等他再抬头,还是那个只对安宁真挚一笑的少年。
“明煜哥,你刚刚在想什么?”
“许是等了你们太久,睡着了吧。”
阮沐恒就这样说着,牵着安宁的手走向了篝火旁。
云谏看着空落落的身边,尴尬的笑了笑,打开折扇也走了过去。
阮沐恒没有吃很多便放下了烤架,拿起了身边的一壶酒独自回了房间。
“我去看看我哥。”秦凌薇见状不对,忙追了过去。
“我也去!”
花一柯刚站起来便被花叶拽了下去,眼神示意他吃自己的肉。
“师兄你不懂,我们男人没有一顿酒解决不了的情绪。”
花一柯完全没发现自己的话哪里不对,只兀自吃着手里的烤鸡。
“一棵花,你惨了。”沈穆清吞掉了自己口中最后一口烤鸡,同情的看了花一柯一眼。
“我怎么了?”
“你把刚刚到话再重复一遍。”
花一柯这才感受到花叶周身的冷意,他忘了,他又不经意间没把花叶当男人了。
想着连忙抓起了剩下的烤鸡,飞向了另一边的房顶。
“师兄,君子动口不动手的。”
“我是悬壶济世的医者,不是滔滔不绝的君子。”
说完花叶便飞上了房顶,拽住了花一柯的衣领。
“跪着,说你错了,直到反省好了再起来。”
花一柯无奈的跪了下去,什么反省好了再起来,明明是跪到他满意才能起来。
“外面有些许凉了,师父,你和七少还有影曜慢慢吃,我先回房了。”
沈穆清说完便放下了手中的肉,走回了房间,她总觉得心慌慌的,却不知道哪里不对。
房间里阮沐恒只喝着酒,一句话都不说。
秦凌薇看着自家大哥这样,心里自然是不好受的。
“哥,有什么事你就直说嘛,不然安宁她会担心你的。”
阮沐恒只冷笑了一声,看了一眼秦凌薇。
“你笑什么啊?”
阮沐恒将壶里最后一滴酒喝光才放下看了秦凌薇一眼,他做戏向来喜欢做全,这场人物就是需要他悲观的去推动。
“我是看着你长大的,你觉得,什么事能瞒过我?”
“哥你在说什么。”秦凌薇淡定自若的打着哈哈,她坚信只要自己不说,她的哥哥就不知道她瞒了什么事。
“她不会离开这大琴对吧?她还是要报仇是吗?如果我没猜错的话,花老头也是骗我的吧?”
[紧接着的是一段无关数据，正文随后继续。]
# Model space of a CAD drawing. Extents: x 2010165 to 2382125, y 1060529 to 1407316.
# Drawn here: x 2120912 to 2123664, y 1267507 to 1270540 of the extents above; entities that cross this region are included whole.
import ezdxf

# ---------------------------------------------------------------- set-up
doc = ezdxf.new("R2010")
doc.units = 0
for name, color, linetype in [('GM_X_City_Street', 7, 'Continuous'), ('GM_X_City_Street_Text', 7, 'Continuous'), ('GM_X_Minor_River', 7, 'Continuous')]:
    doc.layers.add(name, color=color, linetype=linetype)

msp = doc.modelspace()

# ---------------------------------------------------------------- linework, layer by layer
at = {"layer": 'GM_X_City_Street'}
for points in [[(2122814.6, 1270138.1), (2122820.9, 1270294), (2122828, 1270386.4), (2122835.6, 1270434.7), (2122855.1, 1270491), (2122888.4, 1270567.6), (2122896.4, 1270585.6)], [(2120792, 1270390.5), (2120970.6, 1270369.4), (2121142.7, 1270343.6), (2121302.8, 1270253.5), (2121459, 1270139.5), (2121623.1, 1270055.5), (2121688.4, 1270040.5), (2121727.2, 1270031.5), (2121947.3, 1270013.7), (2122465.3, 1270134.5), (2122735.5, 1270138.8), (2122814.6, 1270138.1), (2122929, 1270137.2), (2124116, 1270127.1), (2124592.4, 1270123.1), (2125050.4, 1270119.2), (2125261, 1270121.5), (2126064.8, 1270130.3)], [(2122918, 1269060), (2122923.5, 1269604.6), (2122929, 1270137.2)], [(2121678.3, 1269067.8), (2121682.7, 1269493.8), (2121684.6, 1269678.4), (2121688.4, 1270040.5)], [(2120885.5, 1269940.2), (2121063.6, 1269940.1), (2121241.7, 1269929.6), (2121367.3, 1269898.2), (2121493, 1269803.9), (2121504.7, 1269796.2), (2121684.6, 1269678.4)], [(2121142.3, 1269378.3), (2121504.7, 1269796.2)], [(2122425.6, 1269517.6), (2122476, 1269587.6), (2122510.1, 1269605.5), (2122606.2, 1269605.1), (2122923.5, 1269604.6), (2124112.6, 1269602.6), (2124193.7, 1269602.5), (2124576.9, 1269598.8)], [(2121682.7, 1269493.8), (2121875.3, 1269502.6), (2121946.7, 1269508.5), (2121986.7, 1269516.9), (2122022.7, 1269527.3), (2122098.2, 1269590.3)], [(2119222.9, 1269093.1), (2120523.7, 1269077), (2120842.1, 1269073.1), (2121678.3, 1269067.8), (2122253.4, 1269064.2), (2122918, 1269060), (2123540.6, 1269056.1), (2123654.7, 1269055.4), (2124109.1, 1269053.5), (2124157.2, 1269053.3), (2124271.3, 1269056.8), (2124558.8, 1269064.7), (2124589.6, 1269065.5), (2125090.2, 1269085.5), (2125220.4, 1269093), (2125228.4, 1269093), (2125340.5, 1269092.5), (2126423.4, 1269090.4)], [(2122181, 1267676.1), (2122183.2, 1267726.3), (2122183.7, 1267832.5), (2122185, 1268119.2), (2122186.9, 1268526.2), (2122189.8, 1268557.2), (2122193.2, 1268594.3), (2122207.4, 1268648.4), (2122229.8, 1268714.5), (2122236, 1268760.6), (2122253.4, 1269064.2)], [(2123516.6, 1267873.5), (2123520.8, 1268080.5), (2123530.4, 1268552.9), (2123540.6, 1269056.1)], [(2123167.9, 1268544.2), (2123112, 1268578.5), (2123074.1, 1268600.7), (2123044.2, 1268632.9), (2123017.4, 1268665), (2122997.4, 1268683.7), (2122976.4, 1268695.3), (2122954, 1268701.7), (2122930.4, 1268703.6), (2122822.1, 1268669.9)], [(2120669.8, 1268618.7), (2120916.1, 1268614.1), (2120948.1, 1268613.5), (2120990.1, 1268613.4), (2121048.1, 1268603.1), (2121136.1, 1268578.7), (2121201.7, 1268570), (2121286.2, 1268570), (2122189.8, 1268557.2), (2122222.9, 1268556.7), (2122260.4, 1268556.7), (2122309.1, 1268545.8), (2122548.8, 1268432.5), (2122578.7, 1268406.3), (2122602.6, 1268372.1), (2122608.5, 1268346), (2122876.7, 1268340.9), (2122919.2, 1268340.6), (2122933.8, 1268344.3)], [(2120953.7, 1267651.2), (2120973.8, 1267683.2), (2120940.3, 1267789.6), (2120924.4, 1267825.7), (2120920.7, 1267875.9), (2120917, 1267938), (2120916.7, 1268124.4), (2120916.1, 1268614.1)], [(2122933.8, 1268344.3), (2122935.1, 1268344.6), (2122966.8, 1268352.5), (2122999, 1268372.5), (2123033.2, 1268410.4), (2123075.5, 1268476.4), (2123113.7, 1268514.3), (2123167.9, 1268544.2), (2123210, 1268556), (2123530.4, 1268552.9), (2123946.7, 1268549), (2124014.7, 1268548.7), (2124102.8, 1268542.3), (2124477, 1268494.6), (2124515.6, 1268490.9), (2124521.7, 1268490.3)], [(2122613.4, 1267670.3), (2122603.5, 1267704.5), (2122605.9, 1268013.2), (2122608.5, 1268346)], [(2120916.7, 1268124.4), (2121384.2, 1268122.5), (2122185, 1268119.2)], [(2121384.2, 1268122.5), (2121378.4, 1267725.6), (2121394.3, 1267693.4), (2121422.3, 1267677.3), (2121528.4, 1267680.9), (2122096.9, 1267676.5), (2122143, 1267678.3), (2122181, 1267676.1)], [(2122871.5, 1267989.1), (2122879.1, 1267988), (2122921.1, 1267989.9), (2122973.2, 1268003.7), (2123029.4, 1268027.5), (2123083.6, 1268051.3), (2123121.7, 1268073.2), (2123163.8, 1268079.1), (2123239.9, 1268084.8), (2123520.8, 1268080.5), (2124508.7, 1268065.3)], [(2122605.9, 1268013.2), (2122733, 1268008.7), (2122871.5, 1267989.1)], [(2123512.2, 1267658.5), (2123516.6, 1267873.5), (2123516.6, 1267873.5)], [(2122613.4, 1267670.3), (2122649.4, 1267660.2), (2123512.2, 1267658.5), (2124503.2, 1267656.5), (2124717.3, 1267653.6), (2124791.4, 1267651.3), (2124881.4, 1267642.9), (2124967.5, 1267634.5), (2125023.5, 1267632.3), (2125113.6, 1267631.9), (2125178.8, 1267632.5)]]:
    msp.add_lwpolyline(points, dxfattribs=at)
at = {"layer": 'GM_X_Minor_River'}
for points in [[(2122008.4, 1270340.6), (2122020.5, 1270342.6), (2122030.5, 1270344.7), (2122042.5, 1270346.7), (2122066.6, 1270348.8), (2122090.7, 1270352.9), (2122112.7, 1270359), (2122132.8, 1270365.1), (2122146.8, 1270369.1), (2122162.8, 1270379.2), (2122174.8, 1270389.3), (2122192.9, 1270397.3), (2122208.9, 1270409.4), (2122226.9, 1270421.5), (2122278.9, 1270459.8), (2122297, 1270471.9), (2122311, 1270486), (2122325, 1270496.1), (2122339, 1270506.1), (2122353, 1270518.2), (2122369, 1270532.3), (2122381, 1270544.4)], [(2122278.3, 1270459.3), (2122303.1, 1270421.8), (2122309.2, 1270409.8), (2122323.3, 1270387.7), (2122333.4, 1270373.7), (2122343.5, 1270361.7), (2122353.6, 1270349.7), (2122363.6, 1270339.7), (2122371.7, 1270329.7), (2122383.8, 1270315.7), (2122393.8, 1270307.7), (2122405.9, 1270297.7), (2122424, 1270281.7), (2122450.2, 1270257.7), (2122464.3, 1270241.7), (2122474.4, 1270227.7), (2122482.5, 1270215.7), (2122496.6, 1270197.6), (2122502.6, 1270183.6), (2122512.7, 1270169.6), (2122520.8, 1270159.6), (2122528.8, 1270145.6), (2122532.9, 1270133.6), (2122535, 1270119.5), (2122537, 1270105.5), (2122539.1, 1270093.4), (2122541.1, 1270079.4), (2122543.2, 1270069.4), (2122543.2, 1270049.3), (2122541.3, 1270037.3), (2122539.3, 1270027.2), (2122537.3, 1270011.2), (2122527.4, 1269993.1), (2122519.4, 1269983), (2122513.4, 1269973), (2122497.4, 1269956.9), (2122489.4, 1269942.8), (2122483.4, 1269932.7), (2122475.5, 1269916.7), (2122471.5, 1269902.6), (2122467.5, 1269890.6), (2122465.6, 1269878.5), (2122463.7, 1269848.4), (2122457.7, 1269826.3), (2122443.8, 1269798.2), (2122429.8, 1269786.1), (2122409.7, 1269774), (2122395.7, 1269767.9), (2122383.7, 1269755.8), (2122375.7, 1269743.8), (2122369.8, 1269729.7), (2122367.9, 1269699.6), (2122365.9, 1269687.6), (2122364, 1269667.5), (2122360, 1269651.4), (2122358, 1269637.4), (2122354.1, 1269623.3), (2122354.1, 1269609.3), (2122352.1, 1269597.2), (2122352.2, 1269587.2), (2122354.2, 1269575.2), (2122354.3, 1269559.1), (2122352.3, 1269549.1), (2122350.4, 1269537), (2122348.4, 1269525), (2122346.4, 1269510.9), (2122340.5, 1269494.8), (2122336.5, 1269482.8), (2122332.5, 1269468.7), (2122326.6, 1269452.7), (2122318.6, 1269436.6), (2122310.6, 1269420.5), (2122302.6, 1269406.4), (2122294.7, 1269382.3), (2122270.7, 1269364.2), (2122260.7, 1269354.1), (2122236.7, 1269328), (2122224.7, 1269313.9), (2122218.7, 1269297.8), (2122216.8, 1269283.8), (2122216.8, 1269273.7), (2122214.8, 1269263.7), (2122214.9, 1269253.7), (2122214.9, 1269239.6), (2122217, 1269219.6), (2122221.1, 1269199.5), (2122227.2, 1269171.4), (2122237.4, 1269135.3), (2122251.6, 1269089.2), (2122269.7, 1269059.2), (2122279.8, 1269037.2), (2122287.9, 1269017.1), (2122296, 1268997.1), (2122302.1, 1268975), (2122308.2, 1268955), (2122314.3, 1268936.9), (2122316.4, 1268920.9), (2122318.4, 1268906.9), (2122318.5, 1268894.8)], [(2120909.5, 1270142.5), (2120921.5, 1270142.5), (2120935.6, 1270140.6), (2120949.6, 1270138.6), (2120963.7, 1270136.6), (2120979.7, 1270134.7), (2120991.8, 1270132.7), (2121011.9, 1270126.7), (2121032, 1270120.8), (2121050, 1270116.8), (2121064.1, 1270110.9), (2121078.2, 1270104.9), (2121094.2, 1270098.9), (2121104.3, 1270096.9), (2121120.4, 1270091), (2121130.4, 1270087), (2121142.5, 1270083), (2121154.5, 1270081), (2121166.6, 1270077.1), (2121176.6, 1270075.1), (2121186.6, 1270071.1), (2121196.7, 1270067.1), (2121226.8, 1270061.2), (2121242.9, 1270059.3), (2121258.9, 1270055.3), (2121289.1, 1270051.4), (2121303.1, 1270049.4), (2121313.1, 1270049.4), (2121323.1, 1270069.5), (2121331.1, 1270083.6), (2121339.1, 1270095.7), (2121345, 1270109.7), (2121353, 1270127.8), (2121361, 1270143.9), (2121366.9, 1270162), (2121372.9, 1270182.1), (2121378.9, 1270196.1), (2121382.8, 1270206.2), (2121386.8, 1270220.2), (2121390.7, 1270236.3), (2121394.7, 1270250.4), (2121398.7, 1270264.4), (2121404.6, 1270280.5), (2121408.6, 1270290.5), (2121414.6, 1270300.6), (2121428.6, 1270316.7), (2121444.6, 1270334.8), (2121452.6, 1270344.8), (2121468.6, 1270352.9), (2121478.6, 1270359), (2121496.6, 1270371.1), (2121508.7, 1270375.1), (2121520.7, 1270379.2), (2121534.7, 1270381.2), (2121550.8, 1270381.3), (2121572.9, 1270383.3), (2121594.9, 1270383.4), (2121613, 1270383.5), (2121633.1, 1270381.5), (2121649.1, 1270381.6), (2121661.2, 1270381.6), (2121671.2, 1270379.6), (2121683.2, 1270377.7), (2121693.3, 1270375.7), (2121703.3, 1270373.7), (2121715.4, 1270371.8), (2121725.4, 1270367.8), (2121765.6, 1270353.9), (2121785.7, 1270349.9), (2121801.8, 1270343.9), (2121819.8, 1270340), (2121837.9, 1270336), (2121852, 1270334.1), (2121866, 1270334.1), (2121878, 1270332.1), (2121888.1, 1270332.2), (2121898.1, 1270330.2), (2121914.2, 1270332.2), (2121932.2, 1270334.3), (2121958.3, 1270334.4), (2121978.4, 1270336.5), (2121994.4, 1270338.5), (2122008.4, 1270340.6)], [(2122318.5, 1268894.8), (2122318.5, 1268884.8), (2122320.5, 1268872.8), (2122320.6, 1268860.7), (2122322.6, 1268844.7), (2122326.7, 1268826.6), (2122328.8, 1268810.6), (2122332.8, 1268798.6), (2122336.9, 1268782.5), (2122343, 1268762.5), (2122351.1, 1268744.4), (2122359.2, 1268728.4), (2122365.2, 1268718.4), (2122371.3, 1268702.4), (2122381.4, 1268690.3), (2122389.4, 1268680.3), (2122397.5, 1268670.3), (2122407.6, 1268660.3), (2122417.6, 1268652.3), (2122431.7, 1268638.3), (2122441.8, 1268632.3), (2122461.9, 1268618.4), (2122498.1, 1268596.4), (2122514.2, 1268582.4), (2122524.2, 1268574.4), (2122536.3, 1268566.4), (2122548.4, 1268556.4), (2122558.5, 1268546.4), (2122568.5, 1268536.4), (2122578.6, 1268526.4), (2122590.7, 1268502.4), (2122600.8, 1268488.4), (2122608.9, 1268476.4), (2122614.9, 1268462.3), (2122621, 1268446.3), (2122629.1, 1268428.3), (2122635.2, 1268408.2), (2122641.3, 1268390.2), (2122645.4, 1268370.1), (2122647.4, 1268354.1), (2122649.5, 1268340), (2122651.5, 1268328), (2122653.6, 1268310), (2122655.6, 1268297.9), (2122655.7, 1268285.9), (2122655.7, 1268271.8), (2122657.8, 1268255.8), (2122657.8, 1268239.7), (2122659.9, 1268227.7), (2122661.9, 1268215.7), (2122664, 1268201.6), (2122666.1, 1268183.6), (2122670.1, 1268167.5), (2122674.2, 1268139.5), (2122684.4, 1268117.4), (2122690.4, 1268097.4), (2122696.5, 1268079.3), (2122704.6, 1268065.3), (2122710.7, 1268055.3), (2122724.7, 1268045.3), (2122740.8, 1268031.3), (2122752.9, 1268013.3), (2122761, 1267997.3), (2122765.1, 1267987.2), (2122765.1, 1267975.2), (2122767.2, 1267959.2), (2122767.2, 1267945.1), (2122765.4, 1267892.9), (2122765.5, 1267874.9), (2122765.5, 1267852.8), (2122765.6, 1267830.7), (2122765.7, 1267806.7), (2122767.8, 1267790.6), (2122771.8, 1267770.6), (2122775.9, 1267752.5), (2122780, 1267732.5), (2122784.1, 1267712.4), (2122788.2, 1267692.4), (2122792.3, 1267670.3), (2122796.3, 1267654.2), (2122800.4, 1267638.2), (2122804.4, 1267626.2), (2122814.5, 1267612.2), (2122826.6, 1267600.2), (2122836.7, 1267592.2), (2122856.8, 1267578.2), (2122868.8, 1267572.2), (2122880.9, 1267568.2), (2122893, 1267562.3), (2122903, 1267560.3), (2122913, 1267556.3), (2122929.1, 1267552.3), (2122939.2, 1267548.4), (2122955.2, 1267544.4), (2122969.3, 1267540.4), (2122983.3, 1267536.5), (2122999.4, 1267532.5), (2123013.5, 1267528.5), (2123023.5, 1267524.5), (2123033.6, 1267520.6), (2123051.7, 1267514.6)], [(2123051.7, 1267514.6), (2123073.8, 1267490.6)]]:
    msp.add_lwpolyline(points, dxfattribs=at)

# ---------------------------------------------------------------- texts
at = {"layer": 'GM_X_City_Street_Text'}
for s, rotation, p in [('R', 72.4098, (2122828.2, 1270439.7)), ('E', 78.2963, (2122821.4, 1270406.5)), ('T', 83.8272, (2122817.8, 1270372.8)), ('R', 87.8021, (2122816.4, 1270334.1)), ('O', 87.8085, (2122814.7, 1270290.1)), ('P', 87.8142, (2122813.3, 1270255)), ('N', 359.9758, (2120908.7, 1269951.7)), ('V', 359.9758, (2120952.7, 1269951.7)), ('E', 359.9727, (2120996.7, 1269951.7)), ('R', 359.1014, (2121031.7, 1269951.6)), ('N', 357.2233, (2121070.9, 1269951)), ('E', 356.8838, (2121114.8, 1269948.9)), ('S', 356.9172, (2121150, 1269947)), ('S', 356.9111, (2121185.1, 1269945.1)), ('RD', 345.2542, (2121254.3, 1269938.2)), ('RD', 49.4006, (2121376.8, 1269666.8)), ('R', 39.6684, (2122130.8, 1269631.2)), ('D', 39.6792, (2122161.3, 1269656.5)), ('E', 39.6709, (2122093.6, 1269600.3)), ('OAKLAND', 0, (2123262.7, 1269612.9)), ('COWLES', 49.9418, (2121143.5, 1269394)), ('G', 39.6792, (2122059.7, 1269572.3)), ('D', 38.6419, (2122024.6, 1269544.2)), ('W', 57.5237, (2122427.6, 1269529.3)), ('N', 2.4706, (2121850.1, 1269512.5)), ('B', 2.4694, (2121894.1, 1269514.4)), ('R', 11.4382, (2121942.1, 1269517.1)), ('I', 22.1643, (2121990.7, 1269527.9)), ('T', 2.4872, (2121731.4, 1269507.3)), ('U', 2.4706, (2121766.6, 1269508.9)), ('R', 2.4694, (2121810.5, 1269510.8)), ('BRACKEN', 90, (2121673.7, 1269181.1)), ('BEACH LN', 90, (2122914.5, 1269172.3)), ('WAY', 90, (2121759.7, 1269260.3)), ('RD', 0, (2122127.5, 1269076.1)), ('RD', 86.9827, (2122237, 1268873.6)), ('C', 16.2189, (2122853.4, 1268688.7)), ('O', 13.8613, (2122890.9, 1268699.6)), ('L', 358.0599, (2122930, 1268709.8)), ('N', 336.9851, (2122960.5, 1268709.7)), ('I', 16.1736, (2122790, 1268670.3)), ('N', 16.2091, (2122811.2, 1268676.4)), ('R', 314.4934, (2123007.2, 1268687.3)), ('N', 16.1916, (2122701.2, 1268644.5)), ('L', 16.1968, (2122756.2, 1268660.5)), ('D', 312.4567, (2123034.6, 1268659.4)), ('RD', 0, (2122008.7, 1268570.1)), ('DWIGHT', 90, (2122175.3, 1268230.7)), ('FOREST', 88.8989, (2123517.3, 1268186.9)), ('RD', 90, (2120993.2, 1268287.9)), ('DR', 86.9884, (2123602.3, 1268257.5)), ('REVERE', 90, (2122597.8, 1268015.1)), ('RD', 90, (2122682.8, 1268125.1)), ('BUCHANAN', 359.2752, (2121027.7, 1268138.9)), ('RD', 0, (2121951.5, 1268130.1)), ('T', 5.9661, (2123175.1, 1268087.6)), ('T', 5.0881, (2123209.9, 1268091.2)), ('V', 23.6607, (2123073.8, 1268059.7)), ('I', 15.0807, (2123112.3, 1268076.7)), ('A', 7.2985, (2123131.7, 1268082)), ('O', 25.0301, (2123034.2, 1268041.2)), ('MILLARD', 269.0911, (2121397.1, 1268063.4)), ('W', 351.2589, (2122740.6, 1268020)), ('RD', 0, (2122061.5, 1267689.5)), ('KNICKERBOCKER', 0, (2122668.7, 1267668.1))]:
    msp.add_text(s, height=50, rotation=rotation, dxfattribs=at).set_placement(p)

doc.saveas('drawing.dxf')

秦凌薇听到这心咯噔跳了一下,她没想到自家哥哥竟然知道的这么清楚。
突然,阮沐恒将手里的酒壶砸了出去,幸得是羊皮所制,没有摔出太大响声。
可秦凌薇还是被吓了一跳,她知道他真的生气了。
“说,是不是?”
秦凌薇还是强撑着摇头,死死咬着的嘴唇早已经因为缺血而变成了白紫色。
“那便滚出我的房间,滚!”
将秦凌薇赶出房间后,阮沐恒嘴角轻轻一笑,眼里满是嘲讽得逞的意味。
秦凌薇早已红了眼,她不是被秦怀瑾吓哭的,她只是觉得这世界不公平。
自己的哥哥那么爱安宁,好不容易将她救回来了,可老天偏偏不让他们在一起。
不易容怕哥哥不回西域,她不能放着西域亿万子民不管,可易了容,她哥哥好不容易等到的人便命不久矣了。
造化弄人这个词原来真的存在。
她想不明白安宁的爱为什么要这么伟大,还要考虑边关人民的死活,考虑别人是否要经历妻离子散。
这样伟岸的爱,她永远都做不到。
“接下来,你打算去哪里呢?”云谏漫不经心的摆弄着手里的折扇。
见秦凌薇哭着跑出了房间,花一柯便被花叶自房顶上踹了下来,不偏不倚刚好落到了她的面前。
“小魔女你怎么哭了?”
秦凌薇没有讲话,越过了花一柯向后山跑去。
她现在不能回自己的房间,她一定会被闷坏的,她觉得沈穆清傻的要死,觉得自己的哥哥爱的傻死。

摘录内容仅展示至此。